• **TASK DETAILS**
Working from the start of the listing, please write out exactly the lines through the one that holds "doc.units = 0", both included, and omit all pictures.

• **EXTRACTED RECORDS**
§ §
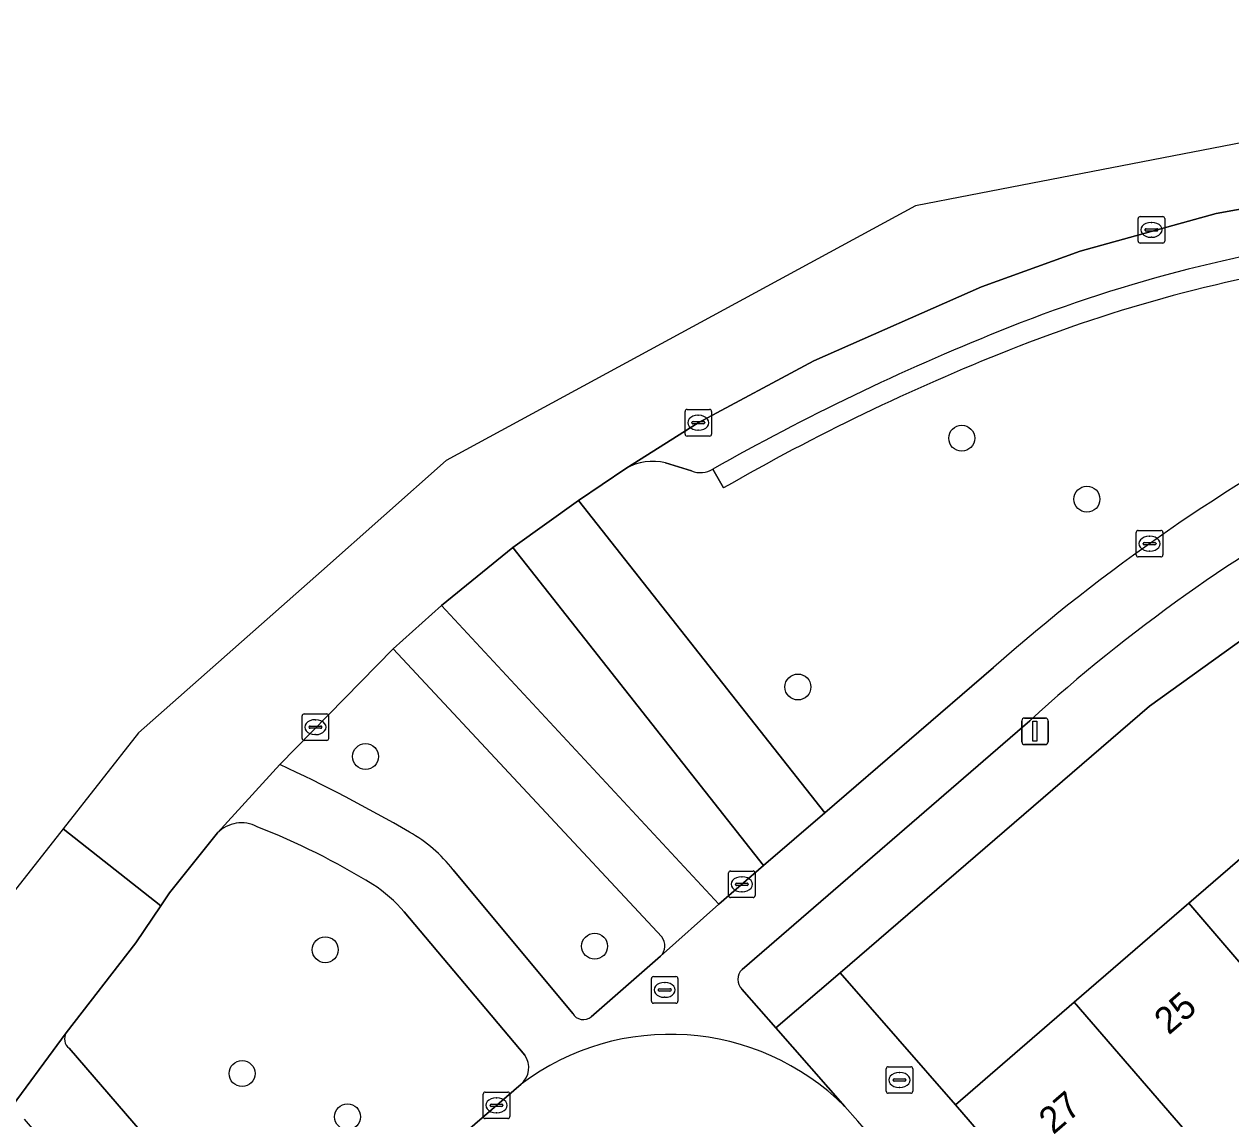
# Model space of a CAD drawing. Extents: x 160304 to 160955, y 383684 to 384161.
# Drawn here: x 160393.53 to 160439.02, y 384109.33 to 384150.58 of the extents above; entities that cross this region are included whole.
import ezdxf

# ---------------------------------------------------------------- set-up
doc = ezdxf.new("R2010")
doc.units = 0
for name, color, linetype in [('IMGEO_Berm_groen', 7, 'Continuous'), ('IMGEO_Berm_open', 7, 'Continuous'), ('IMGEO_Boom', 7, 'Continuous'), ('IMGEO_Brandkraan', 7, 'Continuous'), ('IMGEO_Erf', 7, 'Continuous'), ('IMGEO_Fietspad_open', 7, 'Continuous'), ('IMGEO_Kolk', 7, 'Continuous'), ('IMGEO_Lichtmast', 7, 'Continuous'), ('IMGEO_Pand', 7, 'Continuous'), ('IMGEO_Pand_nummerreeks', 7, 'Continuous'), ('IMGEO_Parkeervlak_open', 7, 'Continuous'), ('IMGEO_Rijbaan_lokaal_gesloten', 7, 'Continuous'), ('IMGEO_Rijbaan_lokaal_open', 7, 'Continuous'), ('IMGEO_Rioolput', 7, 'Continuous'), ('IMGEO_Verkeerseiland_open', 7, 'Continuous'), ('IMGEO_Voetpad_open', 7, 'Continuous')]:
    doc.layers.add(name, color=color, linetype=linetype)

msp = doc.modelspace()

# ---------------------------------------------------------------- linework, layer by layer
at = {"layer": 'IMGEO_Berm_groen'}
for points in [[(160416.214, 384133.836), (160414.425, 384132.626), (160423.714, 384120.862), (160430.072, 384126.329)], [(160418.69, 384133.741), (160417.711, 384134.04)], [(160419.892, 384133.098), (160419.489, 384133.811)], [(160407.44, 384127.034), (160403.169, 384122.675)], [(160417.57, 384116.188), (160407.44, 384127.034)], [(160400.821, 384120.099), (160399.013, 384117.842), (160398.679, 384117.35), (160397.736, 384115.959), (160395.112, 384112.569)], [(160409.698, 384118.709), (160414.209, 384113.298)], [(160412.402, 384111.722), (160407.855, 384117.121)], [(160414.91, 384113.169), (160417.523, 384115.457)], [(160395.225, 384111.986), (160403.163, 384102.78), (160412.264, 384110.636)]]:
    msp.add_lwpolyline(points, dxfattribs=at)
for centre, radius, start, end in [((160451.295, 384086.519), 55.733, 98.3238, 111.7235), ((160461.16, 384061.29), 82.822, 111.60326, 119.88602), ((160476.283, 384074.16), 69.692, 117.82068, 131.53435), ((160417.214, 384132.092), 2.011, 75.6932, 119.8269), ((160419.018, 384134.587), 0.908, 248.7894, 301.2243), ((160378.447, 384069.276), 58.845, 59.795, 65.15714), ((160401.721, 384119.229), 1.252, 62.0133, 135.9478), ((160392.248, 384094.642), 27.591, 58.4741, 68.6164), ((160405.469, 384115.476), 5.323, 37.3993, 60.9869), ((160403.581, 384113.461), 5.628, 40.5752, 56.6417), ((160417.133, 384115.849), 0.553, 314.8216, 37.8208), ((160414.615, 384113.533), 0.469, 210.1058, 309.0401), ((160395.498, 384112.341), 0.448, 149.4432, 232.4954), ((160411.747, 384111.253), 0.805, 309.923, 35.5933)]:
    msp.add_arc(centre, radius, start, end, dxfattribs=at)
at = {"layer": 'IMGEO_Berm_open'}
msp.add_lwpolyline([(160419.489, 384133.811), (160419.892, 384133.098)], dxfattribs=at)
for centre, radius, start, end in [((160451.061, 384087.716), 55.333, 97.4277, 112.0391), ((160451.295, 384086.519), 55.733, 98.3238, 111.7235), ((160464.378, 384054.254), 91.348, 111.90603, 119.43353), ((160461.16, 384061.29), 82.822, 111.60326, 119.88602)]:
    msp.add_arc(centre, radius, start, end, dxfattribs=at)
at = {"layer": 'IMGEO_Boom'}
for centre in [(160428.876, 384134.974), (160433.596, 384132.677), (160422.701, 384125.599), (160406.399, 384122.978), (160415.035, 384115.831), (160404.88, 384115.698), (160401.744, 384111.032), (160405.721, 384109.403)]:
    msp.add_circle(centre, 0.489, dxfattribs=at)
at = {"layer": 'IMGEO_Brandkraan'}
for p, q in [((160426.029, 384110.363), (160426.029, 384111.215)), ((160426.104, 384111.289), (160426.956, 384111.289)), ((160426.517, 384111.069), (160426.542, 384111.069)), ((160427.03, 384111.215), (160427.03, 384110.363)), ((160426.288, 384110.783), (160426.288, 384110.795)), ((160426.726, 384110.746), (160426.328, 384110.746)), ((160426.331, 384110.832), (160426.729, 384110.832)), ((160426.54, 384110.509), (160426.515, 384110.509)), ((160426.772, 384110.795), (160426.772, 384110.783)), ((160426.956, 384110.289), (160426.104, 384110.289))]:
    msp.add_line(p, q, dxfattribs=at)
for points in [[(160426.029, 384110.363), (160426.029, 384111.215)], [(160426.104, 384111.289), (160426.956, 384111.289)], [(160427.03, 384111.215), (160427.03, 384110.363)], [(160426.956, 384110.289), (160426.104, 384110.289)]]:
    msp.add_lwpolyline(points, dxfattribs=at)
for centre, radius, start, end in [((160426.106, 384111.213), 0.0765, 91.552, 178.448), ((160426.106, 384111.213), 0.0765, 91.552, 178.448), ((160426.954, 384111.213), 0.0765, 1.552, 88.448), ((160426.954, 384111.213), 0.0765, 1.552, 88.448), ((160426.328, 384110.792), 0.0403, 85.8775, 175.7526), ((160426.325, 384110.782), 0.0366, 178.938, 274.7102), ((160426.729, 384110.789), 0.043, 264.8664, 352.4533), ((160426.733, 384110.794), 0.0386, 1.7309, 96.639), ((160426.106, 384110.365), 0.0765, 181.552, 268.448), ((160426.106, 384110.365), 0.0765, 181.552, 268.448), ((160426.954, 384110.365), 0.0765, 271.552, 358.448), ((160426.954, 384110.365), 0.0765, 271.552, 358.448)]:
    msp.add_arc(centre, radius, start, end, dxfattribs=at)
for centre, major_axis, ratio, start_param, end_param in [((160426.516, 384110.789), (-0.387, 0.002), 0.722429, 4.712389, 7.853982), ((160426.541, 384110.789), (-0.39, 0.002), 0.717154, 1.570796, 4.712389)]:
    msp.add_ellipse(centre, major_axis=major_axis, ratio=ratio, start_param=start_param, end_param=end_param, dxfattribs=at)
at = {"layer": 'IMGEO_Erf'}
msp.add_lwpolyline([(160440.787, 384128.344), (160435.961, 384124.871), (160424.295, 384114.831), (160428.635, 384109.853), (160433.114, 384113.718), (160437.438, 384117.448), (160441.748, 384121.167)], dxfattribs=at)
at = {"layer": 'IMGEO_Fietspad_open'}
for points in [[(160430.072, 384126.329), (160423.714, 384120.862), (160421.405, 384118.867), (160419.712, 384117.417), (160417.523, 384115.457), (160414.91, 384113.169)], [(160420.593, 384114.949), (160431.449, 384124.329)], [(160403.169, 384122.675), (160400.821, 384120.099)], [(160414.209, 384113.298), (160409.698, 384118.709)], [(160407.855, 384117.121), (160412.402, 384111.722)], [(160424.465, 384109.796), (160421.87, 384112.754), (160420.589, 384114.214)]]:
    msp.add_lwpolyline(points, dxfattribs=at)
for centre, radius, start, end in [((160476.283, 384074.16), 69.692, 117.82068, 131.53435), ((160472.85, 384079.044), 61.358, 118.33433, 132.43502), ((160378.447, 384069.276), 58.845, 59.795, 65.15714), ((160401.721, 384119.229), 1.252, 62.0133, 135.9478), ((160392.248, 384094.642), 27.591, 58.4741, 68.6164), ((160405.469, 384115.476), 5.323, 37.3993, 60.9869), ((160403.581, 384113.461), 5.628, 40.5752, 56.6417), ((160420.933, 384114.58), 0.502, 132.6346, 226.7418), ((160414.615, 384113.533), 0.469, 210.1058, 309.0401), ((160417.879, 384103.166), 9.345, 45.1915, 126.9316), ((160411.747, 384111.253), 0.805, 309.923, 35.5933)]:
    msp.add_arc(centre, radius, start, end, dxfattribs=at)
at = {"layer": 'IMGEO_Kolk'}
for p, q in [((160435.526, 384142.399), (160435.526, 384143.251)), ((160435.601, 384143.325), (160436.453, 384143.325)), ((160436.527, 384143.251), (160436.527, 384142.399)), ((160435.785, 384142.819), (160435.785, 384142.831)), ((160436.223, 384142.782), (160435.825, 384142.782)), ((160435.828, 384142.868), (160436.226, 384142.868)), ((160436.014, 384143.105), (160436.039, 384143.105)), ((160436.269, 384142.831), (160436.269, 384142.819)), ((160436.453, 384142.325), (160435.601, 384142.325)), ((160436.037, 384142.545), (160436.012, 384142.545)), ((160418.444, 384135.131), (160418.444, 384135.983)), ((160418.519, 384136.057), (160419.371, 384136.057)), ((160419.445, 384135.983), (160419.445, 384135.131)), ((160418.703, 384135.551), (160418.703, 384135.563)), ((160419.141, 384135.514), (160418.743, 384135.514)), ((160418.746, 384135.6), (160419.144, 384135.6)), ((160418.932, 384135.837), (160418.957, 384135.837)), ((160419.187, 384135.563), (160419.187, 384135.551)), ((160419.371, 384135.057), (160418.519, 384135.057)), ((160418.955, 384135.277), (160418.93, 384135.277)), ((160435.458, 384130.574), (160435.458, 384131.426)), ((160435.533, 384131.5), (160436.385, 384131.5)), ((160436.459, 384131.426), (160436.459, 384130.574)), ((160435.717, 384130.994), (160435.717, 384131.006)), ((160436.155, 384130.957), (160435.757, 384130.957)), ((160435.76, 384131.043), (160436.158, 384131.043)), ((160435.946, 384131.28), (160435.971, 384131.28)), ((160436.201, 384131.006), (160436.201, 384130.994)), ((160436.385, 384130.5), (160435.533, 384130.5)), ((160435.969, 384130.72), (160435.944, 384130.72)), ((160404.007, 384123.659), (160404.007, 384124.511)), ((160404.082, 384124.585), (160404.934, 384124.585)), ((160405.008, 384124.511), (160405.008, 384123.659)), ((160404.266, 384124.079), (160404.266, 384124.091)), ((160404.309, 384124.128), (160404.707, 384124.128)), ((160404.495, 384124.365), (160404.52, 384124.365)), ((160404.75, 384124.091), (160404.75, 384124.079)), ((160404.704, 384124.042), (160404.306, 384124.042)), ((160404.518, 384123.805), (160404.493, 384123.805)), ((160404.934, 384123.585), (160404.082, 384123.585)), ((160420.085, 384117.739), (160420.085, 384118.591)), ((160420.16, 384118.665), (160421.012, 384118.665)), ((160421.086, 384118.591), (160421.086, 384117.739)), ((160420.344, 384118.159), (160420.344, 384118.171)), ((160420.387, 384118.208), (160420.785, 384118.208)), ((160420.573, 384118.445), (160420.598, 384118.445)), ((160420.828, 384118.171), (160420.828, 384118.159)), ((160420.782, 384118.122), (160420.384, 384118.122)), ((160420.596, 384117.885), (160420.571, 384117.885)), ((160421.012, 384117.665), (160420.16, 384117.665)), ((160410.834, 384109.409), (160410.834, 384110.261)), ((160410.909, 384110.335), (160411.761, 384110.335)), ((160411.322, 384110.115), (160411.347, 384110.115)), ((160411.835, 384110.261), (160411.835, 384109.409)), ((160411.093, 384109.829), (160411.093, 384109.841)), ((160411.531, 384109.792), (160411.133, 384109.792)), ((160411.136, 384109.878), (160411.534, 384109.878)), ((160411.345, 384109.555), (160411.32, 384109.555)), ((160411.577, 384109.841), (160411.577, 384109.829)), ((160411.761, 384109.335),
§ §
• **SOLUTION FOR THIS EXERCISE**
# Model space of a CAD drawing. Extents: x 160304 to 160955, y 383684 to 384161.
# Drawn here: x 160393.53 to 160439.02, y 384109.33 to 384150.58 of the extents above; entities that cross this region are included whole.
import ezdxf

# ---------------------------------------------------------------- set-up
doc = ezdxf.new("R2010")
doc.units = 0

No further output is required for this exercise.